# Trying not to worry....but.....



## The A Team (Dec 1, 2005)

Here I am at my desk at work. How can I get anything done when Ava is being operated on right now!!!

She's being spayed, teeth cleaned and micro chipped.


:smilie_tischkante::smilie_tischkante: I just can't stand it. I'm sure she'll be fine, but......:w00t:

The clock says 11:35am. I'm trying to wait until noon to call them.....I wish they'd call me......


----------



## edelweiss (Apr 23, 2010)

:wub::wub:
Sending you hugs & well wishes for little bug Ava---what a cutie! She is so tiny that it natural to worry about her. Do up-date us when you hear something. I am praying! Kitzi sends her love.


----------



## aprilb (Jul 9, 2010)

Bless your heart, Pat-I know how you feel. Ava is so tiny, I would feel anxious, too.

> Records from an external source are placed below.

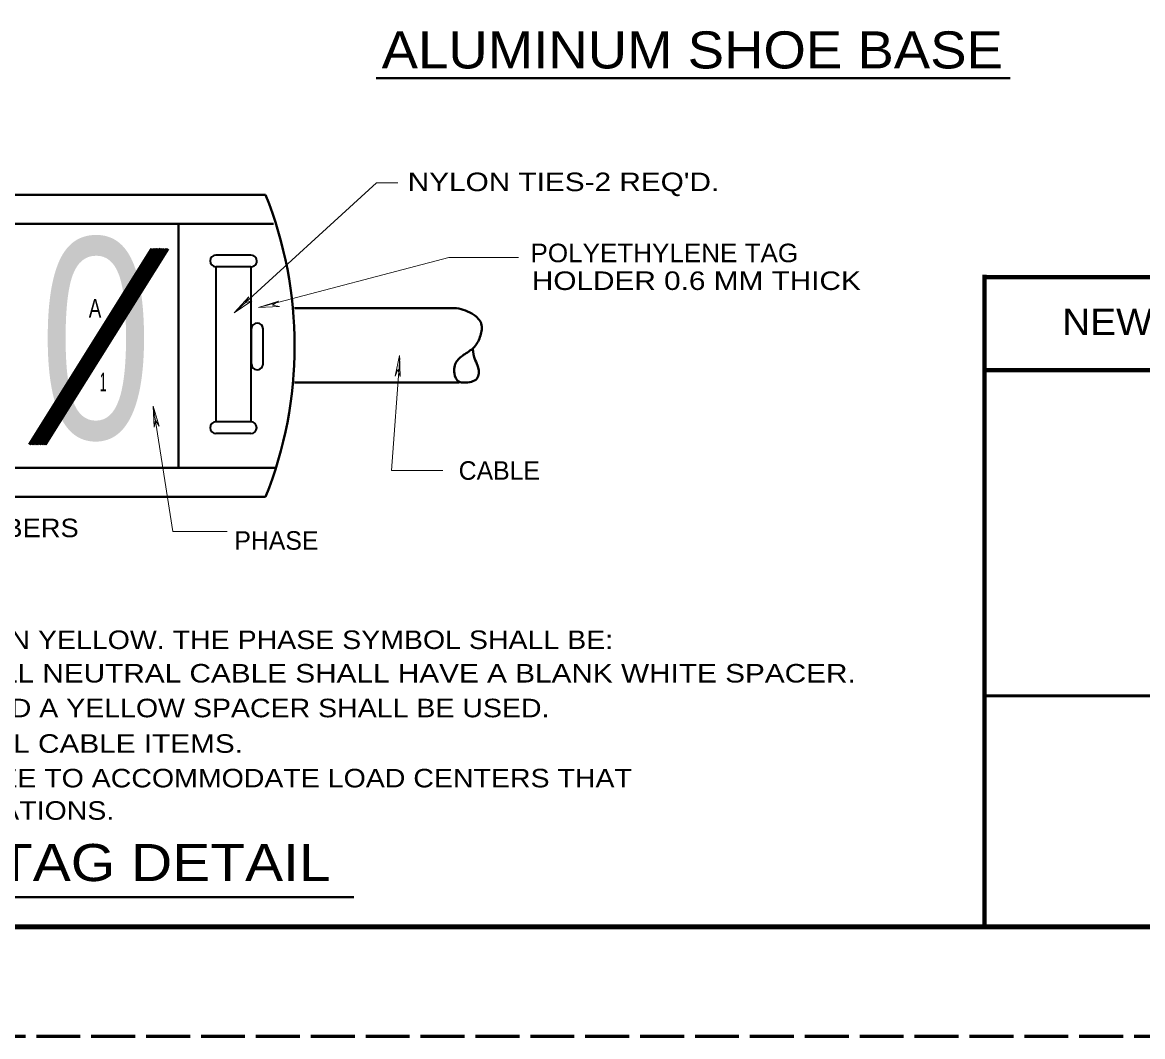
# Model space of a CAD drawing. Extents: x 312583 to 312854, y 144418 to 144597.
# Drawn here: x 312763.88 to 312809.8, y 144418.58 to 144460.17 of the extents above; entities that cross this region are included whole.
import ezdxf
from ezdxf.enums import TextEntityAlignment as Align

# ---------------------------------------------------------------- set-up
doc = ezdxf.new("R2010")
doc.units = 0
doc.header["$LTSCALE"] = 0.3
doc.linetypes.add('LONG_DASHED', pattern=[7.5, 6, -1.5])
doc.layers.add('1', color=7, linetype='Continuous', lineweight=35)
doc.layers.add('2', color=7, linetype='Continuous')

msp = doc.modelspace()

# ---------------------------------------------------------------- linework, layer by layer
at = {"layer": '1', "lineweight": 40}
for p, q in [((312778.3819, 144457.8763), (312804.3631, 144457.8763)), ((312733.3339, 144453.1015), (312773.8455, 144453.1015)), ((312770.2694, 144441.9004), (312770.2694, 144451.9121)), ((312764.1541, 144442.8612), (312769.1714, 144450.8903)), ((312764.1846, 144442.8612), (312769.2171, 144450.8903)), ((312764.238, 144442.8612), (312769.2705, 144450.8903)), ((312764.2761, 144442.8612), (312769.3162, 144450.8903)), ((312764.3219, 144442.8612), (312769.3544, 144450.8903)), ((312764.3829, 144442.8612), (312769.4001, 144450.8903)), ((312764.3905, 144442.8612), (312769.4154, 144450.8903)), ((312764.4286, 144442.8612), (312769.4382, 144450.8903)), ((312764.4591, 144442.8612), (312769.4764, 144450.8903)), ((312764.5125, 144442.8612), (312769.5374, 144450.8979)), ((312764.5582, 144442.8612), (312769.5831, 144450.8903)), ((312764.5964, 144442.8612), (312769.6212, 144450.8903)), ((312764.6421, 144442.8612), (312769.6746, 144450.8903)), ((312764.6802, 144442.8612), (312769.7051, 144450.8903)), ((312764.7412, 144442.8612), (312769.7661, 144450.8903)), ((312764.7794, 144442.8612), (312769.8042, 144450.8903)), ((312764.8175, 144442.8612), (312769.85, 144450.8903)), ((312775.0274, 144448.4579), (312781.6764, 144448.4579)), ((312775.0274, 144445.4079), (312781.7831, 144445.4079)), ((312733.3339, 144440.7109), (312773.8455, 144440.7109)), ((312734.3811, 144424.3068), (312777.466, 144424.3068))]:
    msp.add_line(p, q, dxfattribs=at)
at = {"layer": '1', "lineweight": 13}
for p, q in [((312778.3976, 144453.5972), (312772.5569, 144448.2597)), ((312778.3976, 144453.5972), (312779.2669, 144453.5972)), ((312781.3561, 144450.5319), (312773.5558, 144448.4732)), ((312781.3561, 144450.5319), (312784.2079, 144450.5319)), ((312772.5569, 144448.2597), (312773.1516, 144448.9154)), ((312773.1516, 144448.9154), (312773.0068, 144448.6638)), ((312772.5569, 144448.2597), (312773.2812, 144448.7477)), ((312773.2812, 144448.7477), (312773.0068, 144448.6638)), ((312773.5558, 144448.4732), (312774.3792, 144448.7324)), ((312773.5558, 144448.4732), (312774.4174, 144448.5189)), ((312774.3792, 144448.7324), (312774.1276, 144448.5799)), ((312774.4174, 144448.5189), (312774.1276, 144448.5799)), ((312779.3279, 144446.5135), (312779.1601, 144445.6595)), ((312779.3279, 144446.5135), (312779.3584, 144445.6519)), ((312779.0076, 144441.8013), (312779.3431, 144446.4221)), ((312779.1601, 144445.6595), (312779.2669, 144445.9341)), ((312779.3584, 144445.6519), (312779.2669, 144445.9341)), ((312770.0406, 144439.2927), (312769.2324, 144444.4395)), ((312769.24, 144444.4395), (312769.2705, 144443.5703)), ((312769.24, 144444.4395), (312769.4764, 144443.6084)), ((312769.2705, 144443.5703), (312769.3315, 144443.8601)), ((312769.4764, 144443.6084), (312769.3315, 144443.8601)), ((312779.0076, 144441.8013), (312781.1045, 144441.8013)), ((312770.0406, 144439.2927), (312772.2671, 144439.2927))]:
    msp.add_line(p, q, dxfattribs=at)
at = {"layer": '1'}
for p, q in [((312773.2431, 144450.6234), (312771.8096, 144450.6234)), ((312773.2431, 144450.1507), (312771.8096, 144450.1507)), ((312773.266, 144446.1704), (312773.266, 144447.6039)), ((312773.7388, 144446.1704), (312773.7388, 144447.6039)), ((312773.2431, 144443.7914), (312771.8096, 144443.7914)), ((312773.2431, 144443.3111), (312771.8096, 144443.3111))]:
    msp.add_line(p, q, dxfattribs=at)
at = {"layer": '1', "lineweight": 80}
for p, q in [((312803.31, 144423.1446), (312803.31, 144449.8146)), ((312803.31, 144449.7246), (312849, 144449.7246)), ((312803.31, 144445.9146), (312849, 144445.9146))]:
    msp.add_line(p, q, dxfattribs=at)
at = {"layer": '1', "lineweight": 53}
msp.add_line((312849, 144432.5546), (312803.2881, 144432.5546), dxfattribs=at)
at = {"layer": '1', "lineweight": 158}
msp.add_line((312616.5, 144423.0846), (312849, 144423.0846), dxfattribs=at)
at = {"layer": '1', "linetype": 'LONG_DASHED', "lineweight": 60}
msp.add_line((312851.75, 144418.5846), (312583.526, 144418.5846), dxfattribs=at)
at = {"layer": '1', "lineweight": 158}
msp.add_lwpolyline([(312849, 144423.0846), (312849, 144585.0846), (312616.5, 144585.0846), (312616.5, 144423.0846)], close=True, dxfattribs=at)
msp.add_lwpolyline([(312616.5, 144585.0846), (312616.5, 144423.0846), (312849, 144423.0846)], dxfattribs=at)
at = {"layer": '1', "lineweight": 40}
for points in [[(312732.8001, 144451.9121), (312756.9256, 144451.9121), (312774.1734, 144451.9121)], [(312732.8535, 144441.9004), (312756.9256, 144441.9004), (312774.2268, 144441.9004)]]:
    msp.add_lwpolyline(points, dxfattribs=at)
at = {"layer": '1'}
for points in [[(312771.8096, 144450.1507), (312771.8096, 144445.2707), (312771.8096, 144443.7914)], [(312773.2431, 144450.1507), (312773.2431, 144445.2707), (312773.2431, 144443.7914)]]:
    msp.add_lwpolyline(points, dxfattribs=at)
at = {"layer": '1', "lineweight": 40}
msp.add_arc((312758.3066, 144446.9062), 16.7284, 338.26294, 21.73706, dxfattribs=at)
at = {"layer": '1'}
for centre, radius, start, end in [((312771.8096, 144450.387), 0.2364, 89.98534, 268.16657), ((312773.2512, 144450.3871), 0.2364, 269.8984, 91.94969), ((312773.5023, 144447.604), 0.2364, 359.98534, 178.16657), ((312773.5024, 144446.1624), 0.2364, 179.8984, 1.94969), ((312771.8132, 144443.5512), 0.2402, 90.85072, 269.14928), ((312773.2393, 144443.5512), 0.2402, 270.90938, 89.09062)]:
    msp.add_arc(centre, radius, start, end, dxfattribs=at)
at = {"layer": '1', "lineweight": 40}
msp.add_spline([(312781.6764, 144448.4579), (312782.3779, 144448.1834), (312782.6829, 144447.8174), (312782.6524, 144447.3294), (312782.4084, 144446.8719), (312782.0119, 144446.5669), (312781.6764, 144446.2619), (312781.5849, 144445.7739), (312781.7679, 144445.4384), (312781.9966, 144445.4003), (312782.4999, 144445.5604), (312782.5609, 144446.0179), (312782.4389, 144446.3229), (312782.3321, 144446.7957)], degree=3, dxfattribs=at)

# ---------------------------------------------------------------- texts
at = {"layer": '1'}
for s, height, width, p in [('ALUMINUM SHOE BASE', 1.52, 1.1, (312791.3353, 144458.2809)), ('0', 8.235, 0.75, (312766.8876, 144443.0975)), ('A', 0.7625, 0.75, (312766.8534, 144448.0691)), ('NEW JERSEY DEPARTMENT OF TRANSPORTATION', 1.08, 1.1, (312826.2285, 144447.3546)), ('1', 0.7625, 0.5, (312767.185, 144445.0419)), ('CABLE IDENTIFICATION TAG DETAIL', 1.52, 1.15, (312755.9257, 144424.9611))]:
    msp.add_text(s, height=height, dxfattribs=dict(at, width=width)).set_placement(p, align=Align.CENTER)
for s, width, p in [("NYLON TIES-2 REQ'D.", 1.2, (312779.671, 144453.2504)), ('POLYETHYLENE TAG', 1.05, (312784.7035, 144450.3362)), ('HOLDER 0.6 MM THICK', 1.2, (312784.7591, 144449.198)), ('CIRCUIT NUMBERS', 1.1, (312755.7482, 144439.0616))]:
    msp.add_text(s, height=0.76, dxfattribs=dict(at, width=width)).set_placement(p)
for s, p in [('CABLE', (312781.7602, 144441.415)), ('PHASE', (312772.5645, 144438.5479))]:
    msp.add_text(s, height=0.76, dxfattribs=at).set_placement(p)
at = {"layer": '2'}
for s, width, p in [('TAG LETTERS SHALL BE BLACK ON YELLOW. THE PHASE SYMBOL SHALL BE:', 1.15, (312744.0546, 144434.4755)), ('A=RED,  B=BROWN,  C=BLUE.  ALL NEUTRAL CABLE SHALL HAVE A BLANK WHITE SPACER.', 1.2, (312744.0546, 144433.103)), ('WHEN A LETTER IS NOT REQUIRED A YELLOW SPACER SHALL BE USED.', 1.15, (312744.047, 144431.6771)), ('TAGS SHALL BE INCLUDED IN ALL CABLE ITEMS.', 1.2, (312744.047, 144430.2207)), ('TAG SHALL BE OF SUFFICIENT SIZE TO ACCOMMODATE LOAD CENTERS THAT', 1.15, (312744.0546, 144428.8025)), ('HAVE MULTIPLE LETTER DESIGNATIONS.', 1.15, (312744.1309, 144427.4757))]:
    msp.add_text(s, height=0.76, dxfattribs=dict(at, width=width)).set_placement(p)

doc.saveas('drawing.dxf')

Usually "no news is good news." Hey, go on and call and give us an update on how she is doing. Hang in there:wub:


----------



## suzimalteselover (Mar 27, 2006)

I completely understand. Ava will be in my thoughts and prayers for a successful surgery today! Hugs Pat. Keep us posted.


----------



## The A Team (Dec 1, 2005)

ok, it's 10 minutes till noon. I just called the vet's office. They must think I'm nuts. :blink:

The girl said "Ava's done, she's fine - you can pick her up after 2 pm" and that was it......plain and simple.....sort of like she was a toy on an assembly line being repaired.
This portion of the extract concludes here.